Forward-looking indicators support these trends:

  • Greater China currently accounts for the largest share of APAC’s pipeline of potential deals (roughly one-third of all “for sale” candidates) – especially in industrials, technology, and related sectors that align with national strategic priorities. This pipeline strength suggests that China will continue to anchor regional deal flow, fueled by both domestic SOE consolidation and inbound interest (foreign acquirers poured over US$50bn into China deals by late 2025 – a post-2008 high).
  • Australia & New Zealand together are a close second after China, thanks to critical minerals and energy transition opportunities.

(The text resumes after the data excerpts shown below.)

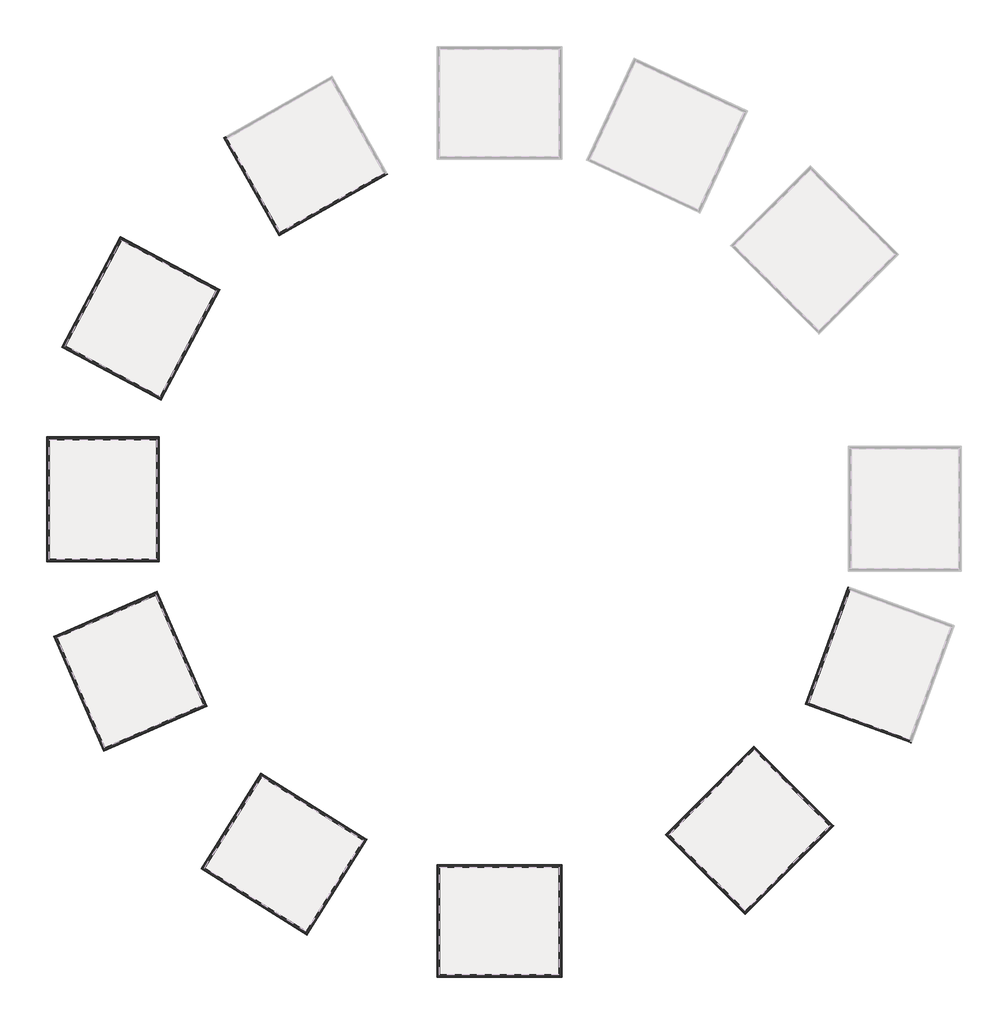
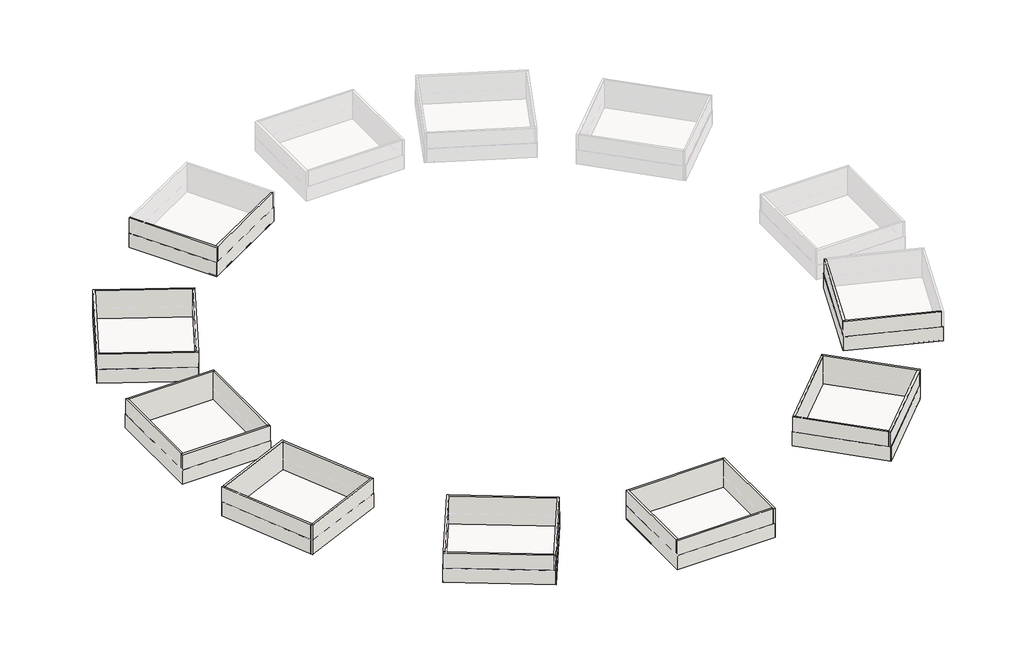
# One storey, part 1 of 2: 56 walls.
"""IFC4 building model written with IfcOpenShell, lengths in millimetres."""

from ifc_helpers import new_model, si_unit, origin, origin_with_axes, place, context, project, spatial, polyline, outline, extrude, faceted_brep, element, save

model = new_model("IFC4")

# Units and contexts
model_context = context("Model", 3, world=origin())
ifc_project = project(units=[si_unit("LENGTHUNIT", "METRE", prefix="MILLI")], contexts=[model_context])

# Site, building, storey
site = spatial("IfcSite", under=ifc_project)
building = spatial("IfcBuilding", under=site)
storey = spatial("IfcBuildingStorey", under=building, Name="01 этаж_+0.000", Elevation=0.0)

# Walls
placement = place(None, origin())
element("IfcWall", 1, ObjectType="Внутренняя_К380", at=placement, inside=storey, context=model_context, shape_type="Brep", body=[
    faceted_brep([(19810.0, -115810.0, 0.0), (19810.0, -116190.0, 0.0), (19810.0, -133810.0, 0.0), (19810.0, -134190.0, 0.0), (19810.0, -134190.0, 6380.0), (19810.0, -133810.0, 6380.0), (19810.0, -116190.0, 6380.0), (19810.0, -115810.0, 6380.0), (20190.0, -115810.0, 0.0), (20190.0, -115810.0, 6380.0), (20190.0, -134190.0, 6380.0), (20190.0, -134190.0, 0.0)], [[[0, 1, 2, 3, 4, 5, 6, 7]], [[8, 9, 10, 11]], [[3, 2, 1, 0, 8, 11]], [[7, 6, 5, 4, 10, 9]], [[4, 3, 11, 10]], [[0, 7, 9, 8]]]),
])
element("IfcWall", 2, ObjectType="Внутренняя_К380", at=placement, inside=storey, context=model_context, shape_type="Brep", body=[
    faceted_brep([(19810.0, -133810.0, 0.0), (190.0, -133810.0, 0.0), (-190.0, -133810.0, 0.0), (-190.0, -133810.0, 6380.0), (190.0, -133810.0, 6380.0), (19810.0, -133810.0, 6380.0), (19810.0, -134190.0, 0.0), (19810.0, -134190.0, 6380.0), (-190.0, -134190.0, 6380.0), (-190.0, -134190.0, 0.0)], [[[0, 1, 2, 3, 4, 5]], [[6, 7, 8, 9]], [[2, 1, 0, 6, 9]], [[5, 4, 3, 8, 7]], [[0, 5, 7, 6]], [[3, 2, 9, 8]]]),
])
element("IfcWall", 3, ObjectType="Внутренняя_К380", at=placement, inside=storey, context=model_context, shape_type="Brep", body=[
    faceted_brep([(190.0, -133810.0, 0.0), (190.0, -116190.0, 0.0), (190.0, -115810.0, 0.0), (190.0, -115810.0, 6380.0), (190.0, -116190.0, 6380.0), (190.0, -133810.0, 6380.0), (-190.0, -133810.0, 0.0), (-190.0, -133810.0, 6380.0), (-190.0, -115810.0, 6380.0), (-190.0, -115810.0, 0.0)], [[[0, 1, 2, 3, 4, 5]], [[6, 7, 8, 9]], [[2, 1, 0, 6, 9]], [[5, 4, 3, 8, 7]], [[0, 5, 7, 6]], [[3, 2, 9, 8]]]),
])
element("IfcWall", 4, ObjectType="Внутренняя_К380", at=placement, inside=storey, context=model_context, shape_type="SweptSolid", body=[
    extrude(outline(polyline([(19810.0, -116190.0), (190.0, -116190.0), (190.0, -115810.0), (19810.0, -115810.0), (19810.0, -116190.0)])), origin_with_axes(), (0.0, 0.0, 1.0), 6380.0),
])
element("IfcWall", 5, ObjectType="ОС-01 Окраска цвет белый 5мм", at=placement, inside=storey, context=model_context, shape_type="Brep", body=[
    faceted_brep([(20240.0, -134190.0, 0.0), (20190.0, -134190.0, 0.0), (-190.0, -134190.0, 0.0), (-240.0, -134190.0, 0.0), (-240.0, -134190.0, 3080.0), (-190.0, -134190.0, 3080.0), (20190.0, -134190.0, 3080.0), (20240.0, -134190.0, 3080.0), (20240.0, -134240.0, 0.0), (20240.0, -134240.0, 3080.0), (-240.0, -134240.0, 3080.0), (-240.0, -134240.0, 0.0)], [[[0, 1, 2, 3, 4, 5, 6, 7]], [[8, 9, 10, 11]], [[3, 2, 1, 0, 8, 11]], [[7, 6, 5, 4, 10, 9]], [[0, 7, 9, 8]], [[4, 3, 11, 10]]]),
])
element("IfcWall", 6, ObjectType="ОС-01 Окраска цвет белый 5мм", at=placement, inside=storey, context=model_context, shape_type="Brep", body=[
    faceted_brep([(20240.0, -134190.0, 0.0), (20240.0, -115760.0, 0.0), (20240.0, -115760.0, 3080.0), (20240.0, -134190.0, 3080.0), (20190.0, -134190.0, 0.0), (20190.0, -134190.0, 3080.0), (20190.0, -115810.0, 3080.0), (20190.0, -115760.0, 3080.0), (20190.0, -115760.0, 0.0), (20190.0, -115810.0, 0.0)], [[[0, 1, 2, 3]], [[4, 5, 6, 7, 8, 9]], [[1, 0, 4, 9, 8]], [[3, 2, 7, 6, 5]], [[0, 3, 5, 4]], [[2, 1, 8, 7]]]),
])
element("IfcWall", 7, ObjectType="ОС-01 Окраска цвет белый 5мм", at=placement, inside=storey, context=model_context, shape_type="Brep", body=[
    faceted_brep([(-190.0, -134190.0, 0.0), (-190.0, -115810.0, 0.0), (-190.0, -115760.0, 0.0), (-190.0, -115760.0, 3080.0), (-190.0, -115810.0, 3080.0), (-190.0, -134190.0, 3080.0), (-240.0, -134190.0, 0.0), (-240.0, -134190.0, 3080.0), (-240.0, -115760.0, 3080.0), (-240.0, -115760.0, 0.0)], [[[0, 1, 2, 3, 4, 5]], [[6, 7, 8, 9]], [[2, 1, 0, 6, 9]], [[5, 4, 3, 8, 7]], [[0, 5, 7, 6]], [[3, 2, 9, 8]]]),
])
element("IfcWall", 8, ObjectType="ОС-01 Окраска цвет белый 5мм", at=placement, inside=storey, context=model_context, shape_type="SweptSolid", body=[
    extrude(outline(polyline([(-190.0, -115760.0), (20190.0, -115760.0), (20190.0, -115810.0), (-190.0, -115810.0), (-190.0, -115760.0)])), origin_with_axes(), (0.0, 0.0, 1.0), 3080.0),
])
element("IfcWall", 9, ObjectType="Внутренняя_К380", at=placement, inside=storey, context=model_context, shape_type="Brep", body=[
    faceted_brep([(-45765.4225187, -65750.266627, 0.0), (-46145.4225187, -65750.266627, 0.0), (-63765.4225187, -65750.266627, 0.0), (-64145.4225187, -65750.266627, 0.0), (-64145.4225187, -65750.266627, 6380.0), (-63765.4225187, -65750.266627, 6380.0), (-46145.4225187, -65750.266627, 6380.0), (-45765.4225187, -65750.266627, 6380.0), (-45765.4225187, -66130.266627, 0.0), (-45765.4225187, -66130.266627, 6380.0), (-64145.4225187, -66130.266627, 6380.0), (-64145.4225187, -66130.266627, 0.0)], [[[0, 1, 2, 3, 4, 5, 6, 7]], [[8, 9, 10, 11]], [[3, 2, 1, 0, 8, 11]], [[7, 6, 5, 4, 10, 9]], [[4, 3, 11, 10]], [[0, 7, 9, 8]]]),
])
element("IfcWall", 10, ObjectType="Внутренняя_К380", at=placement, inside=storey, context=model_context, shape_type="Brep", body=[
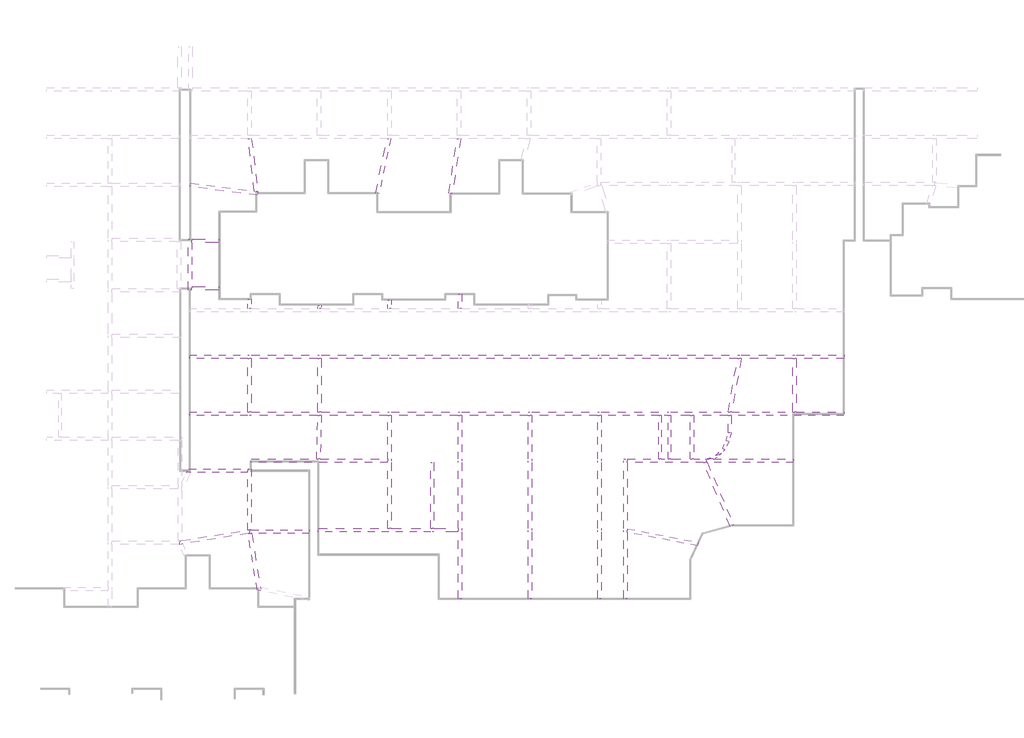
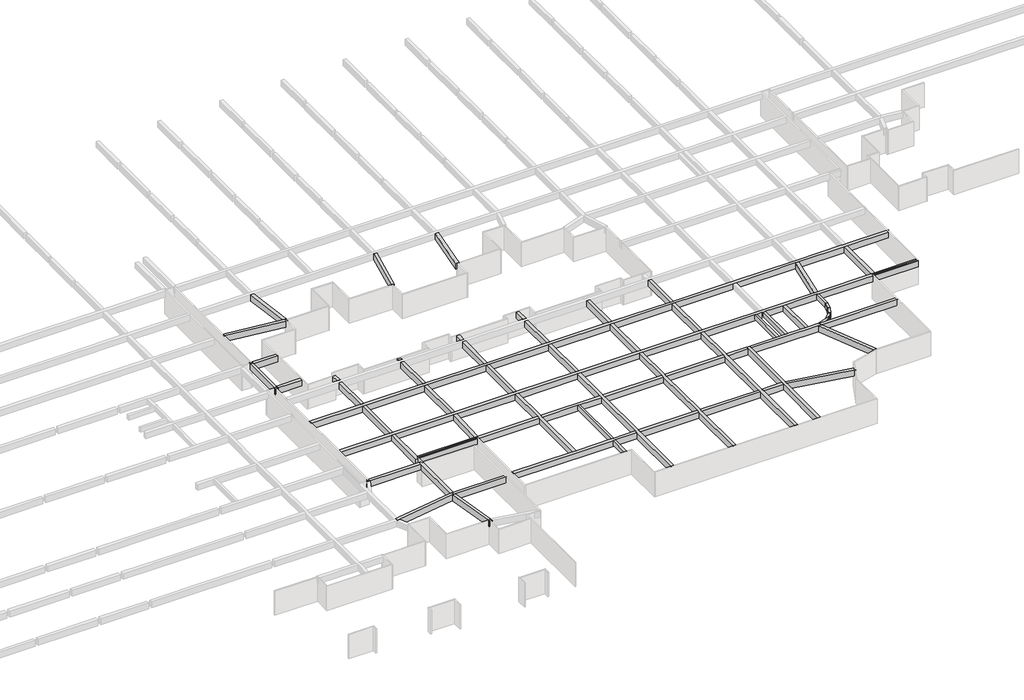
# One storey, part 12 of 16: 43 beams.
"""IFC4 building model written with IfcOpenShell, lengths in millimetres."""

from ifc_helpers import new_model, si_unit, frame, origin, place, context, project, spatial, polyline, outline, extrude, faceted_brep, element, save

model = new_model("IFC4")

# Units and contexts
model_context = context("Model", 3, world=origin())
ifc_project = project(units=[si_unit("LENGTHUNIT", "METRE", prefix="MILLI")], contexts=[model_context])

# Site, building, storey
site = spatial("IfcSite", under=ifc_project)
building = spatial("IfcBuilding", under=site)
storey = spatial("IfcBuildingStorey", under=building, Name="户型图", Elevation=0.0)

# Beams
placement = place(None, origin())
element("IfcBeam", 1, ObjectType="混凝土 - 矩形梁 : KL_beam", at=placement, inside=storey, context=model_context, shape_type="Brep", body=[
    faceted_brep([(256371.9419701, -178694.9170291, 3300.0), (255971.9419701, -178694.9170291, 3300.0), (255971.9419701, -184532.1273283, 3300.0), (256371.9419701, -184532.1273283, 3300.0), (256371.9419701, -184132.1273283, 3300.0), (256371.9419701, -179094.9170291, 3300.0), (256371.9419701, -178694.9170291, 2500.0), (256371.9419701, -184532.1273283, 2500.0), (256371.9419701, -184132.1273283, 2500.0), (256371.9419701, -179094.9170291, 2500.0), (255971.9419701, -178694.9170291, 2500.0), (255971.9419701, -184532.1273283, 2500.0)], [[[0, 1, 2, 3, 4, 5]], [[6, 0, 5, 4, 3, 7, 8, 9]], [[10, 6, 9, 8, 7, 11]], [[1, 10, 11, 2]], [[1, 0, 6, 10]], [[3, 2, 11, 7]]]),
])
element("IfcBeam", 2, ObjectType="混凝土 - 矩形梁 : KL_beam", at=placement, inside=storey, context=model_context, shape_type="Brep", body=[
    faceted_brep([(256229.1427512, -172325.6293063, 3300.0), (256229.1427512, -172325.6293063, 2500.0), (256178.5242086, -172722.4135842, 2500.0), (256178.5242086, -172722.4135842, 3300.0), (263858.3414133, -173702.1428111, 3300.0), (263908.9599559, -173305.3585333, 3300.0), (263499.8534109, -173253.1680152, 3300.0), (263858.3414133, -173702.1428111, 2500.0), (263908.9599559, -173305.3585333, 2500.0), (263499.8534109, -173253.1680152, 2500.0)], [[[0, 1, 2, 3]], [[4, 5, 6, 0, 3]], [[7, 4, 3, 2]], [[8, 7, 2, 1, 9]], [[5, 8, 9, 1, 0, 6]], [[5, 4, 7, 8]]]),
])
element("IfcBeam", 3, ObjectType="混凝土 - 矩形梁 : KL_beam", at=placement, inside=storey, context=model_context, shape_type="SweptSolid", body=[
    extrude(outline(polyline([(259423.0877072, -178694.9170291), (259423.0877072, -179094.9170291), (256371.9419701, -179094.9170291), (256371.9419701, -178694.9170291), (259423.0877072, -178694.9170291)])), frame((0.0, 0.0, 2500.0), z_axis=(0.0, 0.0, 1.0), x_axis=(1.0, 0.0, 0.0)), (0.0, 0.0, 1.0), 800.0),
])
element("IfcBeam", 4, ObjectType="混凝土 - 矩形梁 : KL_beam", at=placement, inside=storey, context=model_context, shape_type="SweptSolid", body=[
    extrude(outline(polyline([(259417.188018, -184132.1273283), (259417.188018, -184532.1273283), (256371.9419701, -184532.1273283), (256371.9419701, -184132.1273283), (259417.188018, -184132.1273283)])), frame((0.0, 0.0, 2500.0), z_axis=(0.0, 0.0, 1.0), x_axis=(1.0, 0.0, 0.0)), (0.0, 0.0, 1.0), 800.0),
])
element("IfcBeam", 5, ObjectType="混凝土 - 矩形梁 : KL_beam", at=placement, inside=storey, context=model_context, shape_type="Brep", body=[
    faceted_brep([(330953.597965, -191962.1668684, 3300.0), (330953.597965, -192362.1668684, 3300.0), (330953.597965, -192362.1668684, 2500.0), (330953.597965, -191962.1668684, 2500.0), (256118.597965, -191962.1668684, 3300.0), (256118.597965, -191962.1668684, 2500.0), (256118.597965, -192362.1668684, 2500.0), (256118.597965, -192362.1668684, 3300.0), (325452.9173169, -191962.1668684, 3300.0), (325052.9173169, -191962.1668684, 3300.0), (319175.2880408, -191962.1668684, 3300.0), (318775.2880408, -191962.1668684, 3300.0), (311075.2880408, -191962.1668684, 3300.0), (310675.2880408, -191962.1668684, 3300.0), (303155.2880408, -191962.1668684, 3300.0), (302755.2880408, -191962.1668684, 3300.0), (295188.9093069, -191962.1668684, 3300.0), (294788.9093069, -191962.1668684, 3300.0), (287188.9093069, -191962.1668684, 3300.0), (286788.9093069, -191962.1668684, 3300.0), (279139.4840766, -191962.1668684, 3300.0), (278739.4840766, -191962.1668684, 3300.0), (271154.6470805, -191962.1668684, 3300.0), (270754.6470805, -191962.1668684, 3300.0), (263153.757676, -191962.1668684, 3300.0), (262753.757676, -191962.1668684, 3300.0), (262753.757676, -192362.1668684, 3300.0), (263153.757676, -192362.1668684, 3300.0), (270754.6470805, -192362.1668684, 3300.0), (271154.6470805, -192362.1668684, 3300.0), (278739.4840766, -192362.1668684, 3300.0), (279139.4840766, -192362.1668684, 3300.0), (286788.9093069, -192362.1668684, 3300.0), (287188.9093069, -192362.1668684, 3300.0), (294788.9093069, -192362.1668684, 3300.0), (295188.9093069, -192362.1668684, 3300.0), (302755.2880408, -192362.1668684, 3300.0), (303155.2880408, -192362.1668684, 3300.0), (310675.2880408, -192362.1668684, 3300.0), (311075.2880408, -192362.1668684, 3300.0), (318737.3738799, -192362.1668684, 3300.0), (319143.4159061, -192362.1668684, 3300.0), (325052.9173169, -192362.1668684, 3300.0), (325452.9173169, -192362.1668684, 3300.0), (262753.757676, -192362.1668684, 2500.0), (263153.757676, -192362.1668684, 2500.0), (270754.6470805, -192362.1668684, 2500.0), (271154.6470805, -192362.1668684, 2500.0), (278739.4840766, -192362.1668684, 2500.0), (279139.4840766, -192362.1668684, 2500.0), (286788.9093069, -192362.1668684, 2500.0), (287188.9093069, -192362.1668684, 2500.0), (294788.9093069, -192362.1668684, 2500.0), (295188.9093069, -192362.1668684, 2500.0), (302755.2880408, -192362.1668684, 2500.0), (303155.2880408, -192362.1668684, 2500.0), (310675.2880408, -192362.1668684, 2500.0), (311075.2880408, -192362.1668684, 2500.0), (318737.3738799, -192362.1668684, 2500.0), (319143.4159061, -192362.1668684, 2500.0), (325052.9173169, -192362.1668684, 2500.0), (325452.9173169, -192362.1668684, 2500.0), (262753.757676, -191962.1668684, 2500.0), (263153.757676, -191962.1668684, 2500.0), (270754.6470805, -191962.1668684, 2500.0), (271154.6470805, -191962.1668684, 2500.0), (278739.4840766, -191962.1668684, 2500.0), (279139.4840766, -191962.1668684, 2500.0), (286788.9093069, -191962.1668684, 2500.0), (287188.9093069, -191962.1668684, 2500.0), (294788.9093069, -191962.1668684, 2500.0), (295188.9093069, -191962.1668684, 2500.0), (302755.2880408, -191962.1668684, 2500.0), (303155.2880408, -191962.1668684, 2500.0), (310675.2880408, -191962.1668684, 2500.0), (311075.2880408, -191962.1668684, 2500.0), (318775.2880408, -191962.1668684, 2500.0), (319175.2880408, -191962.1668684, 2500.0), (325052.9173169, -191962.1668684, 2500.0), (325452.9173169, -191962.1668684, 2500.0)], [[[0, 1, 2, 3]], [[4, 5, 6, 7]], [[1, 0, 8, 9, 10, 11, 12, 13, 14, 15, 16, 17, 18, 19, 20, 21, 22, 23, 24, 25, 4, 7, 26, 27, 28, 29, 30, 31, 32, 33, 34, 35, 36, 37, 38, 39, 40, 41, 42, 43]], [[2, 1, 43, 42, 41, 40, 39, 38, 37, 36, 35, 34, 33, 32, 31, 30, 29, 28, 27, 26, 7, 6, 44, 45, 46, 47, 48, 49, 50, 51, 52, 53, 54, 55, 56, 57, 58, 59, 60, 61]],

The key takeaway is that deal pipelines are deepest where long-term growth stories are intact.
  • Southeast Asia, while smaller in aggregate, boasts the third-largest deal pipeline in the region (~188 prospective deals), spanning a broad mix from manufacturing to fintech.
  • India benefits from demographic tailwinds and fast-growing TMT and healthcare activity.
Five strategies to improve deal success

1. Anchor valuations to policy scenarios 

Use structured scenario modeling to account for tariff changes, rate adjustments, FX movements, and regulatory shifts. Deals are more likely to close when both sides align early on risk-adjusted value. 

2. Prioritize governance-ready assets 

Focus on targets with transparent financials, clean data rooms, and management teams prepared for diligence. On the sell-side, build standardized audit trails that reduce buyer friction. 

3. Use pipeline intelligence to focus resources 

Concentrate effort on sectors and regions with strong forward momentum. Pipeline management tools help track opportunities, flag high-quality targets, and streamline outreach. 

4. Tailor diligence to sector-specific risks 

Support sector-driven processes with integrated review environments, enabling teams to compare technical data, regulatory records, and operational documentation without fragmentation. 

5. Reduce friction through disciplined information flow 

Implement structured Q&A frameworks, automated redaction, and secure document exchange to speed up cross-border workflows and reduce compliance bottlenecks. 

Dealmaker success in APAC will hinge on finding the clear paths – where policies are stable, governance is solid, and growth stories are convincing – and executing with discipline. By applying the strategies above, deal teams can turn a challenging market into an opportunity. The right preparation, focus, and technology can tilt the odds in your favor when it comes to closing the deal.